Hi, I am the first author of this paper and I am happy to answer any questions. You can find a link to the technical paper here https://arxiv.org/abs/2205.09665.
Hey this is cool, I do the NYT Crossword every day. A few questions.
1. You mention an 82% solve rate. The NYT puzzle gets "harder" each day Monday through Saturday. Do you track the days separately? If so I'd be curious how much of the 18% unsolved end up on Fridays and Saturday. (for anyone who doesn't know the Sunday puzzle is outside of the M-Sat range since its a bigger puzzle).
2. Related to the above Thursday puzzles usually have "tricks" (skipped letters and what not) in them or require a Rebus (multiple letters in one space) - do you handle these at all?
3. Is this building an ongoing model and getting better at solving? Or did you have to seed it with a set of solved puzzles and clues?

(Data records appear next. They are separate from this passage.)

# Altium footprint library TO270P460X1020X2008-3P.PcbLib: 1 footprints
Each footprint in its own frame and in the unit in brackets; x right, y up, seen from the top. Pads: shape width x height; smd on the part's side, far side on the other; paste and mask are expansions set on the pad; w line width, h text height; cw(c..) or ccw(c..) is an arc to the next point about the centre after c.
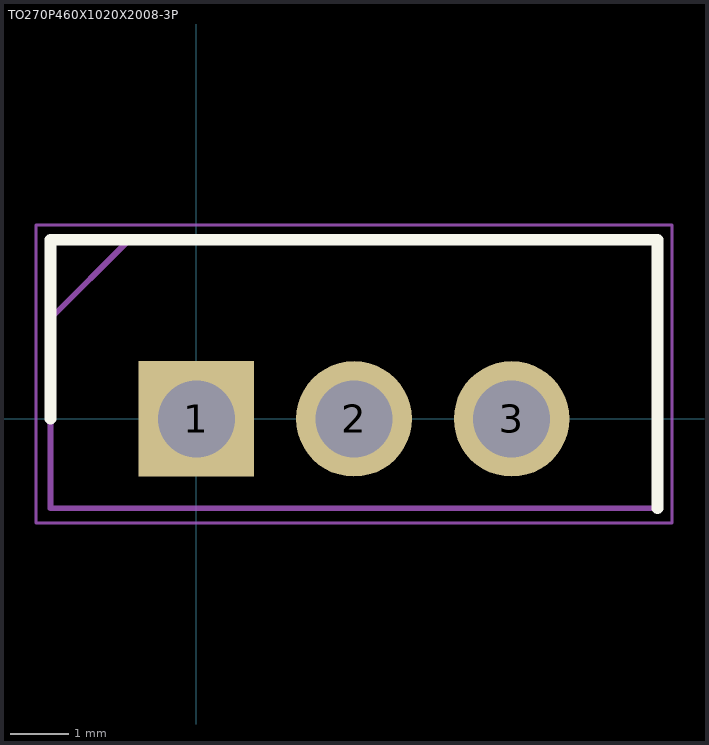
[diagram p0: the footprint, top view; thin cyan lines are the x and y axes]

## TO270P460X1020X2008-3P [mm]
pads (3):
  rect 1.98x1.98 / inner round 1.98 / far side rect 1.98x1.98 hole 1.32: 1(0,0)
  round 1.98 hole 1.32: 2(2.7,0) 3(5.4,0)
Top Overlay:
  lines w0.2: -2.5,0 -2.5,3.069 7.9,3.069 7.9,-1.531
Mechanical 15:
  lines w0.1: -2.5,1.719 -1.15,3.069 ; -2.5,-1.531 7.9,-1.531 7.9,3.069 -2.5,3.069 -2.5,-1.531
Mechanical 20:
  lines w0.05: -2.75,-1.781 8.15,-1.781 8.15,3.319 -2.75,3.319 -2.75,-1.781

2. Our current system doesn't have any handling for rebuses or similar tricks, although Dr. Fill does. I think this is part of why Thursday is the hardest day for us, even though Saturday is usually considered the most difficult.
3. We trained it with 6.4M clues. As new crosswords get published, we could theoretically retrain our model with more data, but we aren't currently planning to do that.
I don't suppose you gave more weight to more recent puzzles? Is there a time period or puzzle setter that was harder to solve because they favored an unusual clue type?
We didn't give more weight to recent puzzles. In fact, we trained on pre-2020 data, validated on data from 2020, and evaluated on post-2020 data.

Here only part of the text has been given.